**Required work**.
Copy all lines in the material holding the string "origin".

**Recorded data**.
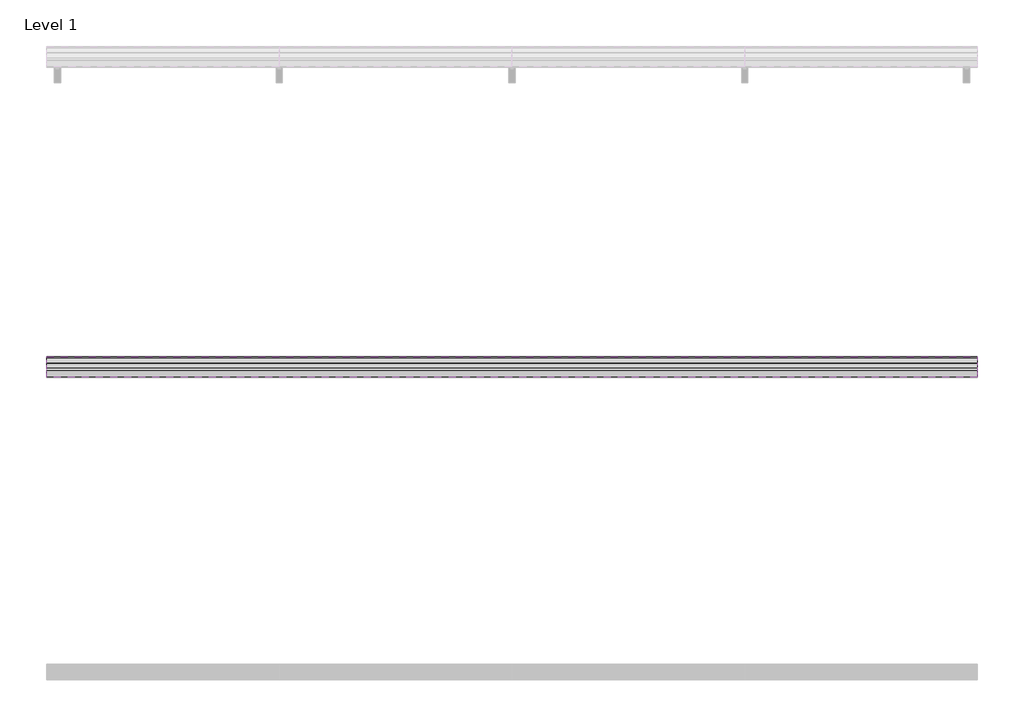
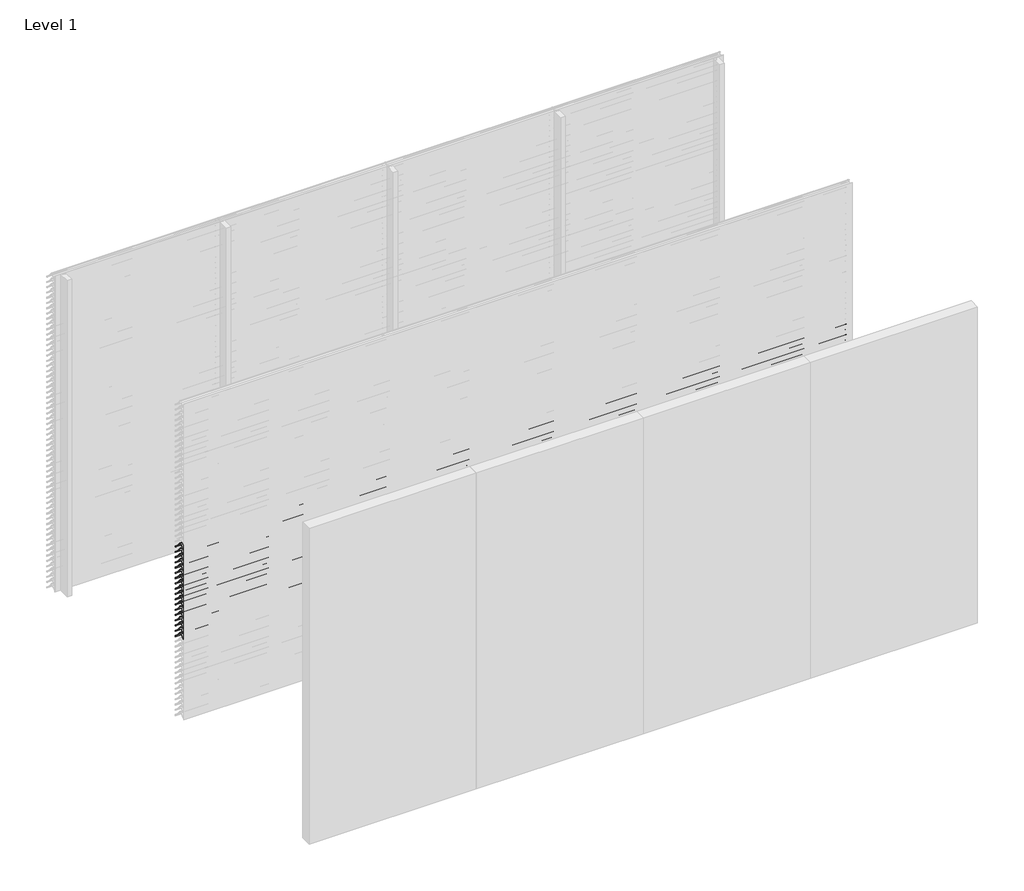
# One storey, part 56 of 173: 18 proxies.
"""IFC4 building model written with IfcOpenShell, lengths in millimetres."""

from ifc_helpers import new_model, si_unit, point, frame, frame_2d, origin, place, context, project, spatial, polyline, circle_curve, trimmed, segment, composite_curve, outline, extrude, element, save

model = new_model("IFC4")

# Units and contexts
model_context = context("Model", 3, world=origin())
ifc_project = project(units=[si_unit("LENGTHUNIT", "METRE", prefix="MILLI")], contexts=[model_context])

# Site, building, storey
site = spatial("IfcSite", under=ifc_project)
building = spatial("IfcBuilding", under=site)
storey = spatial("IfcBuildingStorey", under=building, Name="Level 1", Elevation=0.0)

# Proxies
placement = place(None, origin())
element("IfcBuildingElementProxy", 1, Name="Wall Sweeps", at=placement, inside=storey, context=model_context, shape_type="SweptSolid", body=[
    extrude(outline(composite_curve([segment(polyline([(-37998.0, 1609.1474905), (-37998.0, 1611.6227417)]), True, "CONTINUOUS"), segment(trimmed(circle_curve(frame_2d((-37951.2682172, 1566.2200208)), 65.1557103), [point((-37998.0, 1611.6227417))], [point((-37954.4014323, 1631.3003524))], False, "CARTESIAN"), True, "CONTINUOUS"), segment(polyline([(-37954.4014323, 1631.3003524), (-37934.8315836, 1631.3003524)]), True, "CONTINUOUS"), segment(trimmed(circle_curve(frame_2d((-37732.7329489, 1778.5533172)), 250.0545817), [point((-37934.8315836, 1631.3003524))], [point((-37941.4452143, 1640.8344583))], False, "CARTESIAN"), True, "CONTINUOUS"), segment(trimmed(circle_curve(frame_2d((-37953.2981792, 1635.1737835)), 13.1352966), [point((-37941.4452143, 1640.8344583))], [point((-37953.8171475, 1648.298824))], True, "CARTESIAN"), True, "CONTINUOUS"), segment(polyline([(-37953.8171475, 1648.298824), (-37953.8171475, 1650.0)]), True, "CONTINUOUS"), segment(trimmed(circle_curve(frame_2d((-37953.2981792, 1635.1737835)), 14.8352966), [point((-37953.8171475, 1650.0))], [point((-37939.9637661, 1641.6760487))], False, "CARTESIAN"), True, "CONTINUOUS"), segment(trimmed(circle_curve(frame_2d((-37732.7329489, 1778.5533172)), 248.3545817), [point((-37939.9637661, 1641.6760487))], [point((-37873.8787895, 1574.2059416))], True, "CARTESIAN"), True, "CONTINUOUS"), segment(trimmed(circle_curve(frame_2d((-37883.8147537, 1561.6649442)), 16.0), [point((-37873.8787895, 1574.2059416))], [point((-37867.8648347, 1560.4))], False, "CARTESIAN"), True, "CONTINUOUS"), segment(polyline([(-37867.8648347, 1560.4), (-37869.6712069, 1560.4)]), True, "CONTINUOUS"), segment(trimmed(circle_curve(frame_2d((-37883.8147537, 1561.6649442)), 14.2), [point((-37869.6712069, 1560.4))], [point((-37874.9518628, 1572.7594998))], True, "CARTESIAN"), True, "CONTINUOUS"), segment(trimmed(circle_curve(frame_2d((-37732.7329489, 1778.5533172)), 250.1545817), [point((-37874.9518628, 1572.7594998))], [point((-37933.7064024, 1629.6003524))], False, "CARTESIAN"), True, "CONTINUOUS"), segment(polyline([(-37933.7064024, 1629.6003524), (-37954.3602632, 1629.6003524)]), True, "CONTINUOUS"), segment(trimmed(circle_curve(frame_2d((-37951.2682172, 1566.2200208)), 63.4557103), [point((-37954.3602632, 1629.6003524))], [point((-37998.0, 1609.1474905))], True, "CARTESIAN"), True, "CONTINUOUS")], self_intersect=False)), frame((0.0, 0.0, 0.0), z_axis=(1.0, 0.0, 0.0), x_axis=(0.0, 1.0, 0.0)), (0.0, 0.0, 1.0), 6000.0),
])
element("IfcBuildingElementProxy", 2, Name="Wall Sweeps", at=placement, inside=storey, context=model_context, shape_type="SweptSolid", body=[
    extrude(outline(composite_curve([segment(polyline([(-37998.0, 1559.1474905), (-37998.0, 1561.6227417)]), True, "CONTINUOUS"), segment(trimmed(circle_curve(frame_2d((-37951.2682172, 1516.2200208)), 65.1557103), [point((-37998.0, 1561.6227417))], [point((-37954.4014323, 1581.3003524))], False, "CARTESIAN"), True, "CONTINUOUS"), segment(polyline([(-37954.4014323, 1581.3003524), (-37934.8315836, 1581.3003524)]), True, "CONTINUOUS"), segment(trimmed(circle_curve(frame_2d((-37732.7329489, 1728.5533172)), 250.0545817), [point((-37934.8315836, 1581.3003524))], [point((-37941.4452143, 1590.8344583))], False, "CARTESIAN"), True, "CONTINUOUS"), segment(trimmed(circle_curve(frame_2d((-37953.2981792, 1585.1737835)), 13.1352966), [point((-37941.4452143, 1590.8344583))], [point((-37953.8171475, 1598.298824))], True, "CARTESIAN"), True, "CONTINUOUS"), segment(polyline([(-37953.8171475, 1598.298824), (-37953.8171475, 1600.0)]), True, "CONTINUOUS"), segment(trimmed(circle_curve(frame_2d((-37953.2981792, 1585.1737835)), 14.8352966), [point((-37953.8171475, 1600.0))], [point((-37939.9637661, 1591.6760487))], False, "CARTESIAN"), True, "CONTINUOUS"), segment(trimmed(circle_curve(frame_2d((-37732.7329489, 1728.5533172)), 248.3545817), [point((-37939.9637661, 1591.6760487))], [point((-37873.8787895, 1524.2059416))], True, "CARTESIAN"), True, "CONTINUOUS"), segment(trimmed(circle_curve(frame_2d((-37883.8147537, 1511.6649442)), 16.0), [point((-37873.8787895, 1524.2059416))], [point((-37867.8648347, 1510.4))], False, "CARTESIAN"), True, "CONTINUOUS"), segment(polyline([(-37867.8648347, 1510.4), (-37869.6712069, 1510.4)]), True, "CONTINUOUS"), segment(trimmed(circle_curve(frame_2d((-37883.8147537, 1511.6649442)), 14.2), [point((-37869.6712069, 1510.4))], [point((-37874.9518628, 1522.7594998))], True, "CARTESIAN"), True, "CONTINUOUS"), segment(trimmed(circle_curve(frame_2d((-37732.7329489, 1728.5533172)), 250.1545817), [point((-37874.9518628, 1522.7594998))], [point((-37933.7064024, 1579.6003524))], False, "CARTESIAN"), True, "CONTINUOUS"), segment(polyline([(-37933.7064024, 1579.6003524), (-37954.3602632, 1579.6003524)]), True, "CONTINUOUS"), segment(trimmed(circle_curve(frame_2d((-37951.2682172, 1516.2200208)), 63.4557103), [point((-37954.3602632, 1579.6003524))], [point((-37998.0, 1559.1474905))], True, "CARTESIAN"), True, "CONTINUOUS")], self_intersect=False)), frame((0.0, 0.0, 0.0), z_axis=(1.0, 0.0, 0.0), x_axis=(0.0, 1.0, 0.0)), (0.0, 0.0, 1.0), 6000.0),
])
element("IfcBuildingElementProxy", 3, Name="Wall Sweeps", at=placement, inside=storey, context=model_context, shape_type="SweptSolid", body=[
    extrude(outline(composite_curve([segment(polyline([(-37998.0, 1509.1474905), (-37998.0, 1511.6227417)]), True, "CONTINUOUS"), segment(trimmed(circle_curve(frame_2d((-37951.2682172, 1466.2200208)), 65.1557103), [point((-37998.0, 1511.6227417))], [point((-37954.4014323, 1531.3003524))], False, "CARTESIAN"), True, "CONTINUOUS"), segment(polyline([(-37954.4014323, 1531.3003524), (-37934.8315836, 1531.3003524)]), True, "CONTINUOUS"), segment(trimmed(circle_curve(frame_2d((-37732.7329489, 1678.5533172)), 250.0545817), [point((-37934.8315836, 1531.3003524))], [point((-37941.4452143, 1540.8344583))], False, "CARTESIAN"), True, "CONTINUOUS"), segment(trimmed(circle_curve(frame_2d((-37953.2981792, 1535.1737835)), 13.1352966), [point((-37941.4452143, 1540.8344583))], [point((-37953.8171475, 1548.298824))], True, "CARTESIAN"), True, "CONTINUOUS"), segment(polyline([(-37953.8171475, 1548.298824), (-37953.8171475, 1550.0)]), True, "CONTINUOUS"), segment(trimmed(circle_curve(frame_2d((-37953.2981792, 1535.1737835)), 14.8352966), [point((-37953.8171475, 1550.0))], [point((-37939.9637661, 1541.6760487))], False, "CARTESIAN"), True, "CONTINUOUS"), segment(trimmed(circle_curve(frame_2d((-37732.7329489, 1678.5533172)), 248.3545817), [point((-37939.9637661, 1541.6760487))], [point((-37873.8787895, 1474.2059416))], True, "CARTESIAN"), True, "CONTINUOUS"), segment(trimmed(circle_curve(frame_2d((-37883.8147537, 1461.6649442)), 16.0), [point((-37873.8787895, 1474.2059416))], [point((-37867.8648347, 1460.4))], False, "CARTESIAN"), True, "CONTINUOUS"), segment(polyline([(-37867.8648347, 1460.4), (-37869.6712069, 1460.4)]), True, "CONTINUOUS"), segment(trimmed(circle_curve(frame_2d((-37883.8147537, 1461.6649442)), 14.2), [point((-37869.6712069, 1460.4))], [point((-37874.9518628, 1472.7594998))], True, "CARTESIAN"), True, "CONTINUOUS"), segment(trimmed(circle_curve(frame_2d((-37732.7329489, 1678.5533172)), 250.1545817), [point((-37874.9518628, 1472.7594998))], [point((-37933.7064024, 1529.6003524))], False, "CARTESIAN"), True, "CONTINUOUS"), segment(polyline([(-37933.7064024, 1529.6003524), (-37954.3602632, 1529.6003524)]), True, "CONTINUOUS"), segment(trimmed(circle_curve(frame_2d((-37951.2682172, 1466.2200208)), 63.4557103), [point((-37954.3602632, 1529.6003524))], [point((-37998.0, 1509.1474905))], True, "CARTESIAN"), True, "CONTINUOUS")], self_intersect=False)), frame((0.0, 0.0, 0.0), z_axis=(1.0, 0.0, 0.0), x_axis=(0.0, 1.0, 0.0)), (0.0, 0.0, 1.0), 6000.0),
])
element("IfcBuildingElementProxy", 4, Name="Wall Sweeps", at=placement, inside=storey, context=model_context, shape_type="SweptSolid", body=[
    extrude(outline(composite_curve([segment(polyline([(-37998.0, 1459.1474905), (-37998.0, 1461.6227417)]), True, "CONTINUOUS"), segment(trimmed(circle_curve(frame_2d((-37951.2682172, 1416.2200208)), 65.1557103), [point((-37998.0, 1461.6227417))], [point((-37954.4014323, 1481.3003524))], False, "CARTESIAN"), True, "CONTINUOUS"), segment(polyline([(-37954.4014323, 1481.3003524), (-37934.8315836, 1481.3003524)]), True, "CONTINUOUS"), segment(trimmed(circle_curve(frame_2d((-37732.7329489, 1628.5533172)), 250.0545817), [point((-37934.8315836, 1481.3003524))], [point((-37941.4452143, 1490.8344583))], False, "CARTESIAN"), True, "CONTINUOUS"), segment(trimmed(circle_curve(frame_2d((-37953.2981792, 1485.1737835)), 13.1352966), [point((-37941.4452143, 1490.8344583))], [point((-37953.8171475, 1498.298824))], True, "CARTESIAN"), True, "CONTINUOUS"), segment(polyline([(-37953.8171475, 1498.298824), (-37953.8171475, 1500.0)]), True, "CONTINUOUS"), segment(trimmed(circle_curve(frame_2d((-37953.2981792, 1485.1737835)), 14.8352966), [point((-37953.8171475, 1500.0))], [point((-37939.9637661, 1491.6760487))], False, "CARTESIAN"), True, "CONTINUOUS"), segment(trimmed(circle_curve(frame_2d((-37732.7329489, 1628.5533172)), 248.3545817), [point((-37939.9637661, 1491.6760487))], [point((-37873.8787895, 1424.2059416))], True, "CARTESIAN"), True, "CONTINUOUS"), segment(trimmed(circle_curve(frame_2d((-37883.8147537, 1411.6649442)), 16.0), [point((-37873.8787895, 1424.2059416))], [point((-37867.8648347, 1410.4))], False, "CARTESIAN"), True, "CONTINUOUS"), segment(polyline([(-37867.8648347, 1410.4), (-37869.6712069, 1410.4)]), True, "CONTINUOUS"), segment(trimmed(circle_curve(frame_2d((-37883.8147537, 1411.6649442)), 14.2), [point((-37869.6712069, 1410.4))], [point((-37874.9518628, 1422.7594998))], True, "CARTESIAN"), True, "CONTINUOUS"), segment(trimmed(circle_curve(frame_2d((-37732.7329489, 1628.5533172)), 250.1545817), [point((-37874.9518628, 1422.7594998))], [point((-37933.7064024, 1479.6003524))], False, "CARTESIAN"), True, "CONTINUOUS"), segment(polyline([(-37933.7064024, 1479.6003524), (-37954.3602632, 1479.6003524)]), True, "CONTINUOUS"), segment(trimmed(circle_curve(frame_2d((-37951.2682172, 1416.2200208)), 63.4557103), [point((-37954.3602632, 1479.6003524))], [point((-37998.0, 1459.1474905))], True, "CARTESIAN"), True, "CONTINUOUS")], self_intersect=False)), frame((0.0, 0.0, 0.0), z_axis=(1.0, 0.0, 0.0), x_axis=(0.0, 1.0, 0.0)), (0.0, 0.0, 1.0), 6000.0),
])
element("IfcBuildingElementProxy", 5, Name="Wall Sweeps", at=placement, inside=storey, context=model_context, shape_type="SweptSolid", body=[
    extrude(outline(composite_curve([segment(polyline([(-37998.0, 1409.1474905), (-37998.0, 1411.6227417)]), True, "CONTINUOUS"), segment(trimmed(circle_curve(frame_2d((-37951.2682172, 1366.2200208)), 65.1557103), [point((-37998.0, 1411.6227417))], [point((-37954.4014323, 1431.3003524))], False, "CARTESIAN"), True, "CONTINUOUS"), segment(polyline([(-37954.4014323, 1431.3003524), (-37934.8315836, 1431.3003524)]), True, "CONTINUOUS"), segment(trimmed(circle_curve(frame_2d((-37732.7329489, 1578.5533172)), 250.0545817), [point((-37934.8315836, 1431.3003524))], [point((-37941.4452143, 1440.8344583))], False, "CARTESIAN"), True, "CONTINUOUS"), segment(trimmed(circle_curve(frame_2d((-37953.2981792, 1435.1737835)), 13.1352966), [point((-37941.4452143, 1440.8344583))], [point((-37953.8171475, 1448.298824))], True, "CARTESIAN"), True, "CONTINUOUS"), segment(polyline([(-37953.8171475, 1448.298824), (-37953.8171475, 1450.0)]), True, "CONTINUOUS"), segment(trimmed(circle_curve(frame_2d((-37953.2981792, 1435.1737835)), 14.8352966), [point((-37953.8171475, 1450.0))], [point((-37939.9637661, 1441.6760487))], False, "CARTESIAN"), True, "CONTINUOUS"), segment(trimmed(circle_curve(frame_2d((-37732.7329489, 1578.5533172)), 248.3545817), [point((-37939.9637661, 1441.6760487))], [point((-37873.8787895, 1374.2059416))], True, "CARTESIAN"), True, "CONTINUOUS"), segment(trimmed(circle_curve(frame_2d((-37883.8147537, 1361.6649442)), 16.0), [point((-37873.8787895, 1374.2059416))], [point((-37867.8648347, 1360.4))], False, "CARTESIAN"), True, "CONTINUOUS"), segment(polyline([(-37867.8648347, 1360.4), (-37869.6712069, 1360.4)]), True, "CONTINUOUS"), segment(trimmed(circle_curve(frame_2d((-37883.8147537, 1361.6649442)), 14.2), [point((-37869.6712069, 1360.4))], [point((-37874.9518628, 1372.7594998))], True, "CARTESIAN"), True, "CONTINUOUS"), segment(trimmed(circle_curve(frame_2d((-37732.7329489, 1578.5533172)), 250.1545817), [point((-37874.9518628, 1372.7594998))], [point((-37933.7064024, 1429.6003524))], False, "CARTESIAN"), True, "CONTINUOUS"), segment(polyline([(-37933.7064024, 1429.6003524), (-37954.3602632, 1429.6003524)]), True, "CONTINUOUS"), segment(trimmed(circle_curve(frame_2d((-37951.2682172, 1366.2200208)), 63.4557103), [point((-37954.3602632, 1429.6003524))], [point((-37998.0, 1409.1474905))], True, "CARTESIAN"), True, "CONTINUOUS")], self_intersect=False)), frame((0.0, 0.0, 0.0), z_axis=(1.0, 0.0, 0.0), x_axis=(0.0, 1.0, 0.0)), (0.0, 0.0, 1.0), 6000.0),
])
element("IfcBuildingElementProxy", 6, Name="Wall Sweeps", at=placement, inside=storey, context=model_context, shape_type="SweptSolid", body=[
    extrude(outline(composite_curve([segment(polyline([(-37998.0, 1359.1474905), (-37998.0, 1361.6227417)]), True, "CONTINUOUS"), segment(trimmed(circle_curve(frame_2d((-37951.2682172, 1316.2200208)), 65.1557103), [point((-37998.0, 1361.6227417))], [point((-37954.4014323, 1381.3003524))], False, "CARTESIAN"), True, "CONTINUOUS"), segment(polyline([(-37954.4014323, 1381.3003524), (-37934.8315836, 1381.3003524)]), True, "CONTINUOUS"), segment(trimmed(circle_curve(frame_2d((-37732.7329489, 1528.5533172)), 250.0545817), [point((-37934.8315836, 1381.3003524))], [point((-37941.4452143, 1390.8344583))], False, "CARTESIAN"), True, "CONTINUOUS"), segment(trimmed(circle_curve(frame_2d((-37953.2981792, 1385.1737835)), 13.1352966), [point((-37941.4452143, 1390.8344583))], [point((-37953.8171475, 1398.298824))], True, "CARTESIAN"), True, "CONTINUOUS"), segment(polyline([(-37953.8171475, 1398.298824), (-37953.8171475, 1400.0)]), True, "CONTINUOUS"), segment(trimmed(circle_curve(frame_2d((-37953.2981792, 1385.1737835)), 14.8352966), [point((-37953.8171475, 1400.0))], [point((-37939.9637661, 1391.6760487))], False, "CARTESIAN"), True, "CONTINUOUS"), segment(trimmed(circle_curve(frame_2d((-37732.7329489, 1528.5533172)), 248.3545817), [point((-37939.9637661, 1391.6760487))], [point((-37873.8787895, 1324.2059416))], True, "CARTESIAN"), True, "CONTINUOUS"), segment(trimmed(circle_curve(frame_2d((-37883.8147537, 1311.6649442)), 16.0), [point((-37873.8787895, 1324.2059416))], [point((-37867.8648347, 1310.4))], False, "CARTESIAN"), True, "CONTINUOUS"), segment(polyline([(-37867.8648347, 1310.4), (-37869.6712069, 1310.4)]), True, "CONTINUOUS"), segment(trimmed(circle_curve(frame_2d((-37883.8147537, 1311.6649442)), 14.2), [point((-37869.6712069, 1310.4))], [point((-37874.9518628, 1322.7594998))], True, "CARTESIAN"), True, "CONTINUOUS"), segment(trimmed(circle_curve(frame_2d((-37732.7329489, 1528.5533172)), 250.1545817), [point((-37874.9518628, 1322.7594998))], [point((-37933.7064024, 1379.6003524))], False, "CARTESIAN"), True, "CONTINUOUS"), segment(polyline([(-37933.7064024, 1379.6003524), (-37954.3602632, 1379.6003524)]), True, "CONTINUOUS"), segment(trimmed(circle_curve(frame_2d((-37951.2682172, 1316.2200208)), 63.4557103), [point((-37954.3602632, 1379.6003524))], [point((-37998.0, 1359.1474905))], True, "CARTESIAN"), True, "CONTINUOUS")], self_intersect=False)), frame((0.0, 0.0, 0.0), z_axis=(1.0, 0.0, 0.0), x_axis=(0.0, 1.0, 0.0)), (0.0, 0.0, 1.0), 6000.0),
])
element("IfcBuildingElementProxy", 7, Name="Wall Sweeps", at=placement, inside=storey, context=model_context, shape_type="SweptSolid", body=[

**Reply**.
from ifc_helpers import new_model, si_unit, point, frame, frame_2d, origin, place, context, project, spatial, polyline, circle_curve, trimmed, segment, composite_curve, outline, extrude, element, save
model_context = context("Model", 3, world=origin())
placement = place(None, origin())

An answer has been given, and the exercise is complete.